We deal with the problem of instability in kernel methods the same way we deal with instability in other fitting problems: we regularize. There are many ways that we might choose to regularize, but we will focus on the common Tikhonov regularization approach. As always in kernel methods, there are multiple stories for the same method; we will tell two of them.

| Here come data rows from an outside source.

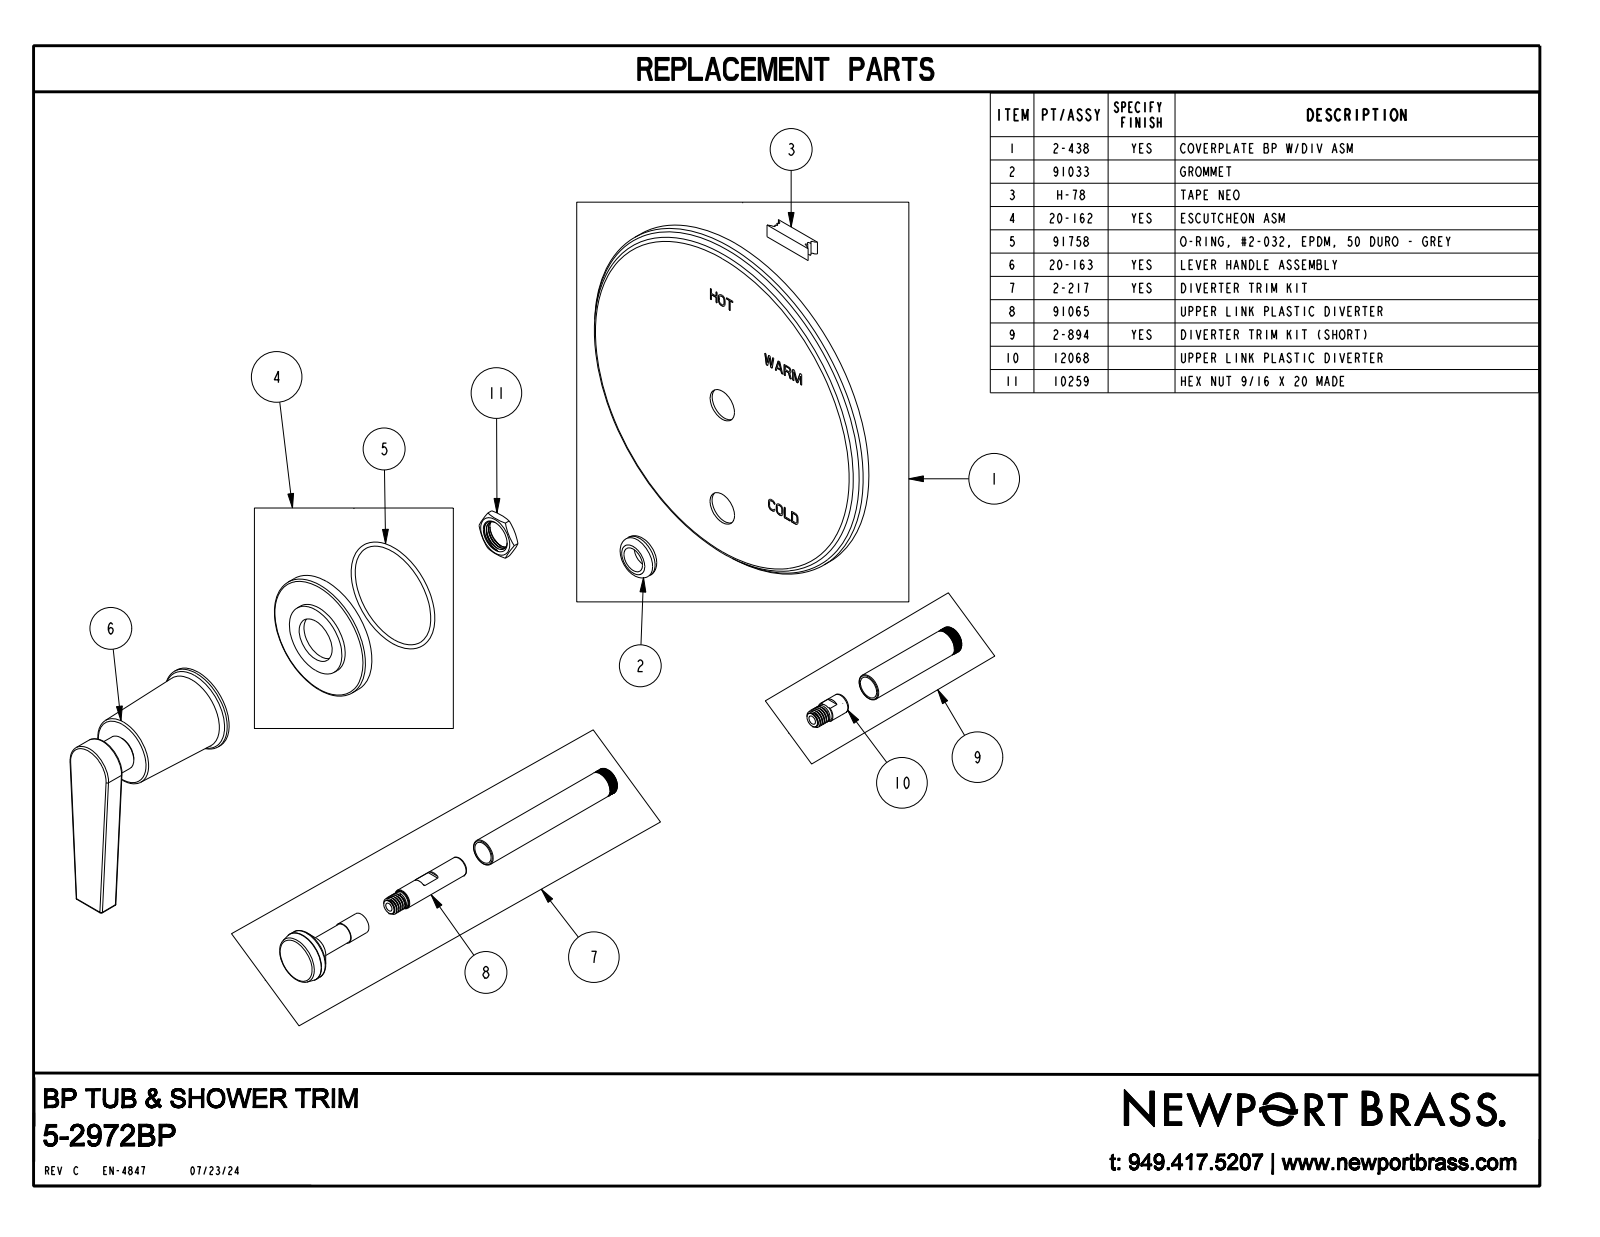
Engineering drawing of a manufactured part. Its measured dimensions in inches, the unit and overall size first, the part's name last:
Units: inches
Overall size (bounding box): 6.5 × 6.5 × 3.183
Round holes (diameter × count): ⌀0.463 ×1
Round bosses / shafts (diameter × count): ⌀6.5 ×1, ⌀2.2 ×1, ⌀1.5 ×1, ⌀1.275 ×1, ⌀0.9 ×1, ⌀0.625 ×1, ⌀0.525 ×1, ⌀0.472 ×1
Partial cylindrical surfaces — rounded edges, fillets, slot ends (radius × count): R0.03 ×8, R0.46 ×1
Main face-to-face distances: 0.313, 0.187, 0.5, 3.183, 2.87, 2.683, 2.808, 2.495, 2.308, 0.375
Volume: 14.74 in³ · Surface area: 91.51 in²
Bodies: 1 solid, 345 faces (276 planar, 31 cylindrical, 38 other)
Part name (STEP PRODUCT): 5-2972BP
STEP written by: CREO PARAMETRIC BY PTC INC, 2018400 (CONFIG_CONTROL_DESIGN)

Feature space and kernel ridge regression
Recall the feature space version of kernel interpolation: write \[\hat{f}(x) = \psi(x)^T c\] where \(c\) is determined by the problem \[\mbox{minimize } \|c\|^2 \mbox{ s.t.~} \Psi^T c = f_X\] with \(\Psi\) the matrix whose columns are feature vectors at the data points in \(X\). Kernel ridge regression instead solves the unconstrained minimization problem \[\mbox{minimize } \lambda \|c_{\lambda}\|^2 + \|\Psi^T c_{\lambda} - f_X\|^2\] That is, rather than enforcing the interpolation constraints, we minimize a combination of a regularity term (the norm of \(c_{\lambda}\)) and a data fidelity term. As the weight \(\lambda\) goes to zero, we recover kernel interpolation. For nonzero \(\lambda\), we solve the critical point equations \[\lambda c_{\lambda} + \Psi (\Psi^T c_{\lambda} - f_x) = 0,\] which we may rewrite using \(r = \Psi^T c_\lambda -f_X\) as \[\begin{bmatrix} \lambda I & \Psi \\ \Psi^T & -I \end{bmatrix} \begin{bmatrix} c_\lambda \\ r \end{bmatrix} = \begin{bmatrix} 0 \\ f_X \end{bmatrix}.\] Eliminating \(c_{\lambda}\) gives the equation \[-(I+\lambda^{-1} \Psi^T \Psi) r = f_X,\] and back-subsittution yields \[\lambda c_{\lambda} = \Psi (I+\lambda^{-1} \Psi^T \Psi)^{-1} f_X.\] Dividing both sides by \(\lambda\), we have \[\hat{f}_{\lambda}(x) = \psi(x)^T c_{\lambda} = \psi(x)^T \Psi (\Psi^T \Psi + \lambda I)^{-1} f_X,\] and applying the kernel trick gives \[\hat{f}_{\lambda}(x) = k_{xX} (K_{XX} + \lambda I)^{-1} f_X.\]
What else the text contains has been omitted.